Thermal postbuckling analysis of temperature dependent delaminated composite plates

• Thermal instability of delaminated composite plates has been examined.
• Delamination decreases the critical buckling temperature of composite plates.
• Load carrying capacity of laminates decreases by increasing delamination size.
• A methodology is developed for both local/global buckling analysis of composites.

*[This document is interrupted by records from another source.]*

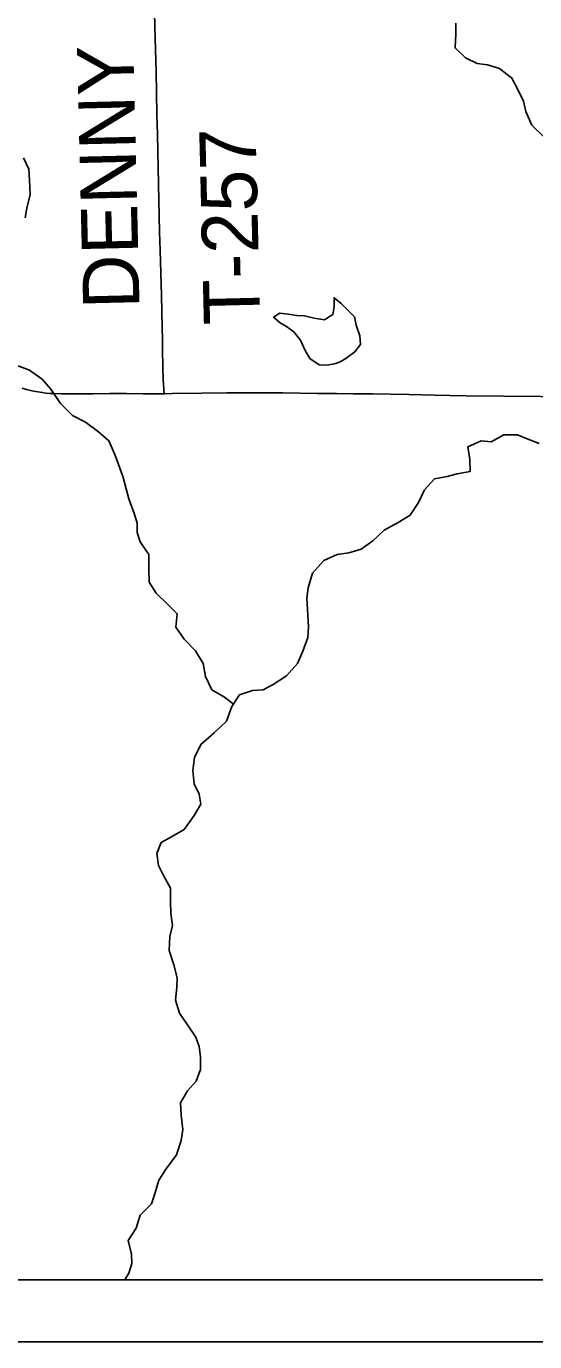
# Model space of a CAD drawing. Extents: x 0 to 34, y 0 to 22.
# Drawn here: x 4.698 to 5.21, y 13.563 to 14.889 of the extents above; entities that cross this region are included whole.
import ezdxf

# ---------------------------------------------------------------- set-up
doc = ezdxf.new("R2010")
doc.units = 0
for name, color, linetype in [('Default', 7, 'Continuous'), ('GM_X_Minor_Lake', 7, 'Continuous'), ('GM_X_Minor_River', 7, 'Continuous'), ('GM_X_Township_Road', 7, 'Continuous'), ('GM_X_Township_Road_Text', 7, 'Continuous'), ('SH_Cut_Line', 7, 'Continuous'), ('SH_Data', 7, 'Continuous')]:
    doc.layers.add(name, color=color, linetype=linetype)

msp = doc.modelspace()

# ---------------------------------------------------------------- linework, layer by layer
at = {"layer": 'Default'}
msp.add_lwpolyline([(2.9696, 13.6252), (8.4279, 13.6252), (8.4024, 15.1386), (8.4023, 15.1576), (8.3761, 15.1587), (8.1234, 15.1688), (7.9465, 15.1727), (5.5157, 15.319), (4.819, 15.349), (4.2393, 15.3805), (4.2078, 15.3826), (3.1796, 15.4266), (3.1343, 15.4291), (3.0617, 14.6751), (3.0457, 14.4958), (3.0429, 14.4692)], close=True, dxfattribs=at)
at = {"layer": 'GM_X_Minor_Lake'}
for points in [[(5.0139, 14.5506), (5.0196, 14.5539), (5.0285, 14.5605), (5.0343, 14.568), (5.0334, 14.5768), (5.0298, 14.5875), (5.0281, 14.5958), (5.0221, 14.602), (5.0147, 14.6094), (5.0076, 14.6152), (5.0078, 14.6061), (5.0062, 14.5982), (5.0001, 14.5943)], [(5.0001, 14.5943), (4.9981, 14.593), (4.9875, 14.5947), (4.9777, 14.5968), (4.9701, 14.5974), (4.9615, 14.5987), (4.9528, 14.5996), (4.9466, 14.5956), (4.9533, 14.5897), (4.9597, 14.5862), (4.9671, 14.5807), (4.9738, 14.5723), (4.9781, 14.5627), (4.9833, 14.5539), (4.9926, 14.5476), (5.0006, 14.5471), (5.0093, 14.5488), (5.0139, 14.5506)]]:
    msp.add_lwpolyline(points, dxfattribs=at)
at = {"layer": 'GM_X_Minor_River'}
for points in [[(5.2197, 14.7768), (5.2067, 14.7892), (5.2009, 14.803), (5.1985, 14.8133), (5.1927, 14.8251), (5.1868, 14.8366), (5.1741, 14.8464), (5.1621, 14.85), (5.1519, 14.8514), (5.1399, 14.8569), (5.1295, 14.867), (5.1302, 14.881), (5.1304, 14.892)], [(4.6963, 14.6958), (4.6981, 14.7056), (4.7014, 14.7192), (4.7009, 14.7336), (4.7, 14.7446), (4.6949, 14.7561)], [(4.9062, 14.2055), (4.8971, 14.2126), (4.8844, 14.22), (4.8782, 14.2334), (4.8758, 14.2464), (4.8681, 14.2591), (4.8566, 14.2711), (4.8482, 14.283), (4.8496, 14.2966), (4.8399, 14.3063), (4.8284, 14.3175), (4.8214, 14.3283), (4.821, 14.3423), (4.8209, 14.3564), (4.8124, 14.3691), (4.8092, 14.3786), (4.8094, 14.3881), (4.8062, 14.3976), (4.8008, 14.4125), (4.798, 14.4225), (4.7952, 14.4339), (4.7916, 14.4442), (4.7869, 14.4572), (4.7808, 14.471), (4.7703, 14.4799), (4.7573, 14.4897), (4.7442, 14.4964), (4.7319, 14.5084), (4.7224, 14.523), (4.7135, 14.533), (4.7008, 14.542), (4.6872, 14.5472)], [(4.7969, 13.6252), (4.8008, 13.6317), (4.804, 13.6415), (4.8034, 13.651), (4.8003, 13.6647), (4.8081, 13.6771), (4.8122, 13.6903), (4.8238, 13.7018), (4.827, 13.712), (4.8311, 13.7256), (4.8385, 13.7372), (4.849, 13.751), (4.8535, 13.7657), (4.8552, 13.7767), (4.8537, 13.7911), (4.8528, 13.8037), (4.8598, 13.8157), (4.8687, 13.8254), (4.8732, 13.837), (4.873, 13.8499), (4.8717, 13.8602), (4.8685, 13.8698), (4.8601, 13.8821), (4.852, 13.894), (4.8477, 13.907), (4.8491, 13.9202), (4.8497, 13.9297), (4.8461, 13.9427), (4.8415, 13.9572), (4.8422, 13.9712), (4.8447, 13.9822), (4.843, 13.9944), (4.8429, 14.0069), (4.8428, 14.0198), (4.8358, 14.0328), (4.8307, 14.0428), (4.8291, 14.055), (4.8335, 14.0659), (4.8431, 14.0714), (4.8565, 14.0791), (4.8666, 14.0933), (4.8733, 14.1045), (4.8716, 14.1148), (4.8665, 14.1252), (4.8653, 14.1385), (4.8671, 14.1517), (4.8734, 14.1649), (4.8869, 14.1767), (4.8993, 14.1883), (4.9045, 14.203), (4.9123, 14.2149), (4.9253, 14.2192), (4.9363, 14.2198), (4.9462, 14.2253), (4.9597, 14.2341), (4.9709, 14.2464), (4.9761, 14.2588), (4.9813, 14.2728), (4.9819, 14.2834), (4.9802, 14.3122), (4.9816, 14.3228), (4.986, 14.3375), (4.9973, 14.3502), (5.0107, 14.3564), (5.0225, 14.3581), (5.035, 14.3616), (5.0466, 14.3701), (5.0582, 14.3809), (5.072, 14.3886), (5.0842, 14.3959), (5.0928, 14.4087), (5.0988, 14.4214), (5.1088, 14.4326), (5.1214, 14.435), (5.1317, 14.4375), (5.1446, 14.4399), (5.1445, 14.452), (5.1425, 14.465), (5.1559, 14.4708), (5.1657, 14.4698), (5.1787, 14.4768), (5.1924, 14.4769), (5.2021, 14.4729), (5.2141, 14.4681)]]:
    msp.add_lwpolyline(points, dxfattribs=at)
at = {"layer": 'GM_X_Township_Road'}
for points in [[(4.8363, 14.5184), (4.8356, 14.5326), (4.8352, 14.5452), (4.8349, 14.563), (4.8347, 14.5727), (4.8344, 14.5856), (4.8336, 14.6173), (4.8324, 14.6629), (4.8319, 14.6816), (4.8312, 14.7132), (4.8296, 14.7797), (4.8292, 14.8002), (4.8283, 14.8431), (4.8269, 14.8878), (4.8259, 14.9357), (4.8251, 14.9717), (4.8242, 15.0154), (4.8227, 15.0828), (4.8213, 15.2078), (4.8208, 15.2684), (4.8201, 15.3196), (4.8193, 15.3485)], [(4.6933, 14.524), (4.6976, 14.5228), (4.7032, 14.5214), (4.7093, 14.5202), (4.7139, 14.5195), (4.717, 14.5191), (4.7213, 14.5187), (4.7252, 14.5186), (4.7326, 14.5184), (4.7475, 14.5183), (4.7649, 14.5184), (4.7817, 14.5186), (4.7984, 14.5185), (4.8152, 14.5184), (4.8332, 14.5184), (4.8363, 14.5184)], [(4.8363, 14.5184), (4.8444, 14.5185), (4.8739, 14.5189), (4.8996, 14.5193), (4.9254, 14.5194), (4.9561, 14.5193), (4.9908, 14.5187), (5.0099, 14.5185), (5.027, 14.5183), (5.0466, 14.5182), (5.0646, 14.518), (5.0833, 14.5177), (5.1087, 14.5171), (5.1242, 14.5167), (5.1404, 14.5164), (5.254, 14.5151), (5.3062, 14.5144), (5.3596, 14.5137), (5.3923, 14.5133), (5.4439, 14.5126)]]:
    msp.add_lwpolyline(points, dxfattribs=at)
at = {"layer": 'SH_Cut_Line'}
msp.add_lwpolyline([(2.9696, 13.6252), (9.0621, 13.6252), (9.0621, 20.4252), (3.5682, 20.4252), (3.5424, 20.1754), (3.5231, 19.8516), (3.5169, 19.7823), (3.5125, 19.7343), (3.5092, 19.6961), (3.5066, 19.6647), (3.4966, 19.5464), (3.4903, 19.4759), (3.4748, 19.2963), (3.47, 19.2407), (3.2768, 17.1355), (3.2667, 16.919), (3.1974, 16.1596), (3.1343, 15.4291), (3.0617, 14.6751), (3.0457, 14.4958), (3.0429, 14.4692)], close=True, dxfattribs=at)
at = {"layer": 'SH_Data'}
msp.add_line((2.1704, 13.5628), (9.1704, 13.5628), dxfattribs=at)

# ---------------------------------------------------------------- texts
at = {"layer": 'GM_X_Township_Road_Text'}
for s, rotation, p in [('DENNY', 91.373, (4.8117, 14.6045)), ('T-257', 91.3844, (4.9333, 14.5885))]:
    msp.add_text(s, height=0.05682, rotation=rotation, dxfattribs=at).set_placement(p)

doc.saveas('drawing.dxf')

This paper deals with the nonlinear thermal stability of composite plate with embedded and through-the-width delaminations under uniform temperature rise. The formulation is established within the framework of the higher order shear deformation theory by taking into account the von Karman geometrical nonlinearity. The thermomechanical properties of the laminates are assumed to be temperature-dependent. The nonlinear equilibrium equations derived by the minimum total potential energy principle, are solved using the Rayleigh–Ritz method along with the Newton–Raphson iterative procedure. For modeling the embedded and through-the-width delaminations, the plate is divided into a number of smaller regions. The proposed model is capable of analyzing both local buckling of the delaminated base laminate and sublaminate as well as the global buckling of the plate. Numerical results are presented to provide an insight into effects of delamination type, size of delamination and boundary condition on the critical buckling temperature difference, buckling mode and postbuckling behavior of the composite plate. It is found that presence of delamination leads to substantial reduction in the load carrying capacity of the composite plate. Furthermore, the results reveal that the buckling mode could be changed depending on the delamination area.